With these findings, we proceed to the main event: finding the vector \(\hat{\boldsymbol{\beta}}\) which minimizes the residual sum of squares. We take the gradient vector of RSS with respect to \(\hat{\boldsymbol{\beta}}\), set equal to zero, and solve:

\[\begin{aligned} \nabla \mathrm{RSS}(\hat{\boldsymbol{\beta}}) = \frac{\delta}{\delta\hat{\boldsymbol{\beta}}}\left( \boldsymbol{y} \circ \boldsymbol{y} + \hat{\boldsymbol{\beta}}^T(\mathbf{X}^T\mathbf{X}) \hat{\boldsymbol{\beta}} - 2\boldsymbol{y}^T \mathbf{X}\hat{\boldsymbol{\beta}}\right) & \\ = 2(\mathbf{X}^T\mathbf{X}) \hat{\boldsymbol{\beta}} - 2\boldsymbol{y}^T \mathbf{X} &= 0 \\ \longrightarrow (\mathbf{X}^T\mathbf{X}) \hat{\boldsymbol{\beta}} &= \boldsymbol{y}^T \mathbf{X} \\ \longrightarrow \hat{\boldsymbol{\beta}} &= (\mathbf{X}^T \mathbf{X})^{-1} \mathbf{X}^T \boldsymbol{y} \end{aligned}\]

Because \(\hat{\boldsymbol{y}} = \mathbf{X}\hat{\boldsymbol{\beta}}=\mathbf{X}(\mathbf{X}^T \mathbf{X})^{-1} \mathbf{X}^T \boldsymbol{y}\), we can think of the fitted values \(\hat{\boldsymbol{y}}\) as a projection of the original values \(\boldsymbol{y}\) onto the model space of \(\mathbf{X}\). The projection matrix for this transformation (sometimes also called the “hat matrix”) would be \(\mathbf{X}(\mathbf{X}^T \mathbf{X})^{-1} \mathbf{X}^T\).

Proofs about the average fitted value and the average residual

These proofs were referenced in Variance decomposition, and rely upon the findings above. The case for simple regression is easily proven; the multiple regression version requires some familiarity with linear algebra.

  • Simple regression case: To claim that the average fitted value \(\hat{\boldsymbol{y}}\) is equal to the average response value \(\boldsymbol{y}\) we can note that:

\[\begin{aligned} \frac{1}{n}\sum_i \hat{y}_i &= \frac{1}{n}\sum_i (\hat{\beta}_0 + \hat{\beta}_1x_i) \\ &= \hat{\beta}_0 + \hat{\beta}_1 \frac{1}{n}\sum_i x_i \\ &= \hat{\beta}_0 + \hat{\beta}_1 \bar{x}_i \\ &= (\bar{y} - \hat{\beta}_1 \bar{x}) + \hat{\beta}_1 \bar{x}_i = \bar{y}\end{aligned}\]

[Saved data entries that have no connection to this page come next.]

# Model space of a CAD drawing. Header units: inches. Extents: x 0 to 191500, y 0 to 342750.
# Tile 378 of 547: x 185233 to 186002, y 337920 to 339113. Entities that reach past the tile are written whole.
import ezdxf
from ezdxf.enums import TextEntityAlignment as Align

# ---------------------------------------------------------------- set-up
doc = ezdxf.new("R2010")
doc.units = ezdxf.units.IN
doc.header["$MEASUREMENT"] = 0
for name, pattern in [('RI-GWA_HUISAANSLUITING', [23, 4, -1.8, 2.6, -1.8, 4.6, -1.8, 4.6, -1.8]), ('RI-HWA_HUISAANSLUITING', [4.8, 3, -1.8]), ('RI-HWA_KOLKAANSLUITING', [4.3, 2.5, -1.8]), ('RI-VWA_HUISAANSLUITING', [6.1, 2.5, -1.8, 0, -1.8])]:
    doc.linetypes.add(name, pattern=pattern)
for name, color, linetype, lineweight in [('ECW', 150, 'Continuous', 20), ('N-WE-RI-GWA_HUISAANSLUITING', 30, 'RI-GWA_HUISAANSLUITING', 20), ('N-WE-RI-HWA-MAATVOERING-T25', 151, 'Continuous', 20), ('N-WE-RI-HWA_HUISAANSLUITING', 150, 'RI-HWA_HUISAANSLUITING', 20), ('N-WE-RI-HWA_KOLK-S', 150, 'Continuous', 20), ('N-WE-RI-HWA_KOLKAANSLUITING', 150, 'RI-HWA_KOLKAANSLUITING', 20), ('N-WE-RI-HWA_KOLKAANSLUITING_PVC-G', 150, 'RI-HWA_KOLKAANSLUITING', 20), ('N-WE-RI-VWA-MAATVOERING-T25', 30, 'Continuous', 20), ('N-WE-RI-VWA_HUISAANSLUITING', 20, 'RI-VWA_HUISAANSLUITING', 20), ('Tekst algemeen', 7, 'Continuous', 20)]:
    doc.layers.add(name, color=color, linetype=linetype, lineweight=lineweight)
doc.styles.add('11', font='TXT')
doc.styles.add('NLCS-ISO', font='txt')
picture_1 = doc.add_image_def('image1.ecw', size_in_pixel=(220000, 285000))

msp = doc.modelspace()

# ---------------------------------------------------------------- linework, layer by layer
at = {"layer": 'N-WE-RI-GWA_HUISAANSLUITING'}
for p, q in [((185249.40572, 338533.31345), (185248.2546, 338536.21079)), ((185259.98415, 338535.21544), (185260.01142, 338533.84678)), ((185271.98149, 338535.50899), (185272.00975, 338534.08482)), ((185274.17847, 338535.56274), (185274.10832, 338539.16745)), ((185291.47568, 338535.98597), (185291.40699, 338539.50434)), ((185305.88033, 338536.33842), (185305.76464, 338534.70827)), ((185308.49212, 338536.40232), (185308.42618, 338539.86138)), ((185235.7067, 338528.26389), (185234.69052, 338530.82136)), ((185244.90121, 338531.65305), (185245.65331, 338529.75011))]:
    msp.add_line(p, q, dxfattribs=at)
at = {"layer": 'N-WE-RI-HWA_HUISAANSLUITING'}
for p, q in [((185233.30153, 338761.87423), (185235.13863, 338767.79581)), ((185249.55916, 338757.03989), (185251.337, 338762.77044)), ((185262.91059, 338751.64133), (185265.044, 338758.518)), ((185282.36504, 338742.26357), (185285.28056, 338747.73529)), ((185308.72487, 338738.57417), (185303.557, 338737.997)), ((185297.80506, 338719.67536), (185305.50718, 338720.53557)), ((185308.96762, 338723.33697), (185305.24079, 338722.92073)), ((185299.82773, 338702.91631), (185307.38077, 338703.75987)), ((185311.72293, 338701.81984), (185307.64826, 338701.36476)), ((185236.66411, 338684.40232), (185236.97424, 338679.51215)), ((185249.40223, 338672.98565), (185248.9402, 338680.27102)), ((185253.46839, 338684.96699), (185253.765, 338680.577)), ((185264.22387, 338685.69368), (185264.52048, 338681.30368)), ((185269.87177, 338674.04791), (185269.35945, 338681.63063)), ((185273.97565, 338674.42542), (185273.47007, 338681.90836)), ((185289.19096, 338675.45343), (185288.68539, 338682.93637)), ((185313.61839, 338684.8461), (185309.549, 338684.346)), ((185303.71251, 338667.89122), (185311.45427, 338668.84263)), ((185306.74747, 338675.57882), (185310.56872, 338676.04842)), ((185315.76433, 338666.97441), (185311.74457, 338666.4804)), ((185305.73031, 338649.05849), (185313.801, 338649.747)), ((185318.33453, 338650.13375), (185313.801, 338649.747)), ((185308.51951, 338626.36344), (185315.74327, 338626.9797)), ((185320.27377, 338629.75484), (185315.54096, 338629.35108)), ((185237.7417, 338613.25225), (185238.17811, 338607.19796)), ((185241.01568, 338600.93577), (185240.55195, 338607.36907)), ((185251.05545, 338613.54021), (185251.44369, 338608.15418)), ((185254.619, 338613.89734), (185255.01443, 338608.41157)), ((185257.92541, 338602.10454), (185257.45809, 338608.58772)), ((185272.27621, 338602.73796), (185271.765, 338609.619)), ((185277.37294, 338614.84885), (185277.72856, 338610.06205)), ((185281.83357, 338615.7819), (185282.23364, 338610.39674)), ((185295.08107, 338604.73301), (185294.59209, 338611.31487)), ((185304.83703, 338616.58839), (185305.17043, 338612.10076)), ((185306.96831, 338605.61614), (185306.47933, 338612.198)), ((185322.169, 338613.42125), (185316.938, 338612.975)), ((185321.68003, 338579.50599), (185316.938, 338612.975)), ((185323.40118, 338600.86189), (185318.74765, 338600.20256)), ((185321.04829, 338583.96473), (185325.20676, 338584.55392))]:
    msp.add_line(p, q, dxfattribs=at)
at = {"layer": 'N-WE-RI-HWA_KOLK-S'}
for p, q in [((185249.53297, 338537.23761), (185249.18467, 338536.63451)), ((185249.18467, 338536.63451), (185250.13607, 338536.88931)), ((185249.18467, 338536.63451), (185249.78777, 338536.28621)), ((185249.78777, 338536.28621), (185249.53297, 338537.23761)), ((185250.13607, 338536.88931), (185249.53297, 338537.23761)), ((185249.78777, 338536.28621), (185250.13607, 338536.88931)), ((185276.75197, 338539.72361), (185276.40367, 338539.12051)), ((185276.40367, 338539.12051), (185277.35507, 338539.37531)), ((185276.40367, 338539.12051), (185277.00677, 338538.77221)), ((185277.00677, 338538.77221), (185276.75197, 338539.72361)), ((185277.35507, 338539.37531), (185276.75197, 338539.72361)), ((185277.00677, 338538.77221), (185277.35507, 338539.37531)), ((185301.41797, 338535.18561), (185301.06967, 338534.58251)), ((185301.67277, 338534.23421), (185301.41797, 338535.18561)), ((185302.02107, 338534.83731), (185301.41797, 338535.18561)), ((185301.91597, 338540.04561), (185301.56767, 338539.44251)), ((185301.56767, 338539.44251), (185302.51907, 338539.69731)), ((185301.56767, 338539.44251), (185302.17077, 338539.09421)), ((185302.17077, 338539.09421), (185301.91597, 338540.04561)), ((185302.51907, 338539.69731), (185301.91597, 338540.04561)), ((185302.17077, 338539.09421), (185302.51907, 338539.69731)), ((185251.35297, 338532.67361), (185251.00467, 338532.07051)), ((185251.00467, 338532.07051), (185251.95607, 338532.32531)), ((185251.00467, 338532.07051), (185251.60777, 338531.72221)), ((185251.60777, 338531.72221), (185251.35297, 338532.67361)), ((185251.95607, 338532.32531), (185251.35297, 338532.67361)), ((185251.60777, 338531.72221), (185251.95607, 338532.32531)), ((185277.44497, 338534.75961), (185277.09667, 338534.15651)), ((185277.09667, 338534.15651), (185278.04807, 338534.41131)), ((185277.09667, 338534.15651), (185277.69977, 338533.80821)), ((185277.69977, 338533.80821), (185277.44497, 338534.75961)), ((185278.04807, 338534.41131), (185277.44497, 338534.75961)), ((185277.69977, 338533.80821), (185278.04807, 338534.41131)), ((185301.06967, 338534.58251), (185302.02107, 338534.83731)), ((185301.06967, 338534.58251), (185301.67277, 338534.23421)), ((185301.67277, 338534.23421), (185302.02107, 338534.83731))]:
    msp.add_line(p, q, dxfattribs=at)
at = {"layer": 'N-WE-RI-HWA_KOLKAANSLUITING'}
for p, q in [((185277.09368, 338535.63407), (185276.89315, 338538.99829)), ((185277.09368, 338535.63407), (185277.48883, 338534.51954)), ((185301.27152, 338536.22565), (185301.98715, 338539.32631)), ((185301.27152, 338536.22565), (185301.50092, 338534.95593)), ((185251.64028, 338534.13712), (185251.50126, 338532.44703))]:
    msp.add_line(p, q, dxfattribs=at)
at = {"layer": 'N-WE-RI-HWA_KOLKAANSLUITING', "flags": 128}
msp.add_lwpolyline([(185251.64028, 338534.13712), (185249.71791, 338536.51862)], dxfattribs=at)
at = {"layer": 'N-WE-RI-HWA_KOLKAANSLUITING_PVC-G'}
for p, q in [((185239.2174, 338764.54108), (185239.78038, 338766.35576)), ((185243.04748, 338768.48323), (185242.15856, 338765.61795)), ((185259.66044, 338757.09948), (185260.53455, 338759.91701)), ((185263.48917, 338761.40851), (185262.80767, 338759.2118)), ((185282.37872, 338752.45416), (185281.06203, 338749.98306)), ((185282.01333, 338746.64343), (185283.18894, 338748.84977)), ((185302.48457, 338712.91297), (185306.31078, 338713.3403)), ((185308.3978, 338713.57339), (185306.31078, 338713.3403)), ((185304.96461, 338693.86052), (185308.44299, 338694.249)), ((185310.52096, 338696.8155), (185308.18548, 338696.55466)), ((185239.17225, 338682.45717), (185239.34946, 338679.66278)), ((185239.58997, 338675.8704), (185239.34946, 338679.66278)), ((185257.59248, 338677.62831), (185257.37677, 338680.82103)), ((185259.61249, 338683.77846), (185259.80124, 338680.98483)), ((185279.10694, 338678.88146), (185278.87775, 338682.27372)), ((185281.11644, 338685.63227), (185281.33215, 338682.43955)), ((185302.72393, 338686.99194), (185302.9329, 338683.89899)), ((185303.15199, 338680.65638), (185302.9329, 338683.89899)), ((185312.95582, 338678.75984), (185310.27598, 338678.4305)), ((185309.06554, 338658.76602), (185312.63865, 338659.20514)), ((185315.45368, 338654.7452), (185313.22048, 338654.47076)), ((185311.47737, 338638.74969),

And since \(e_i = y_i - \hat{y}_i\), we can show that the average residual must be 0:

\[\frac{1}{n}\sum_i e_i = \frac{1}{n}\sum_i (y_i - \hat{y}_i) = \bar{y} - \frac{1}{n}\sum_i \hat{y}_i = \bar{y} - \bar{y} = 0\]

I would be happy to supply a proof for the more general multiple regression case upon student request.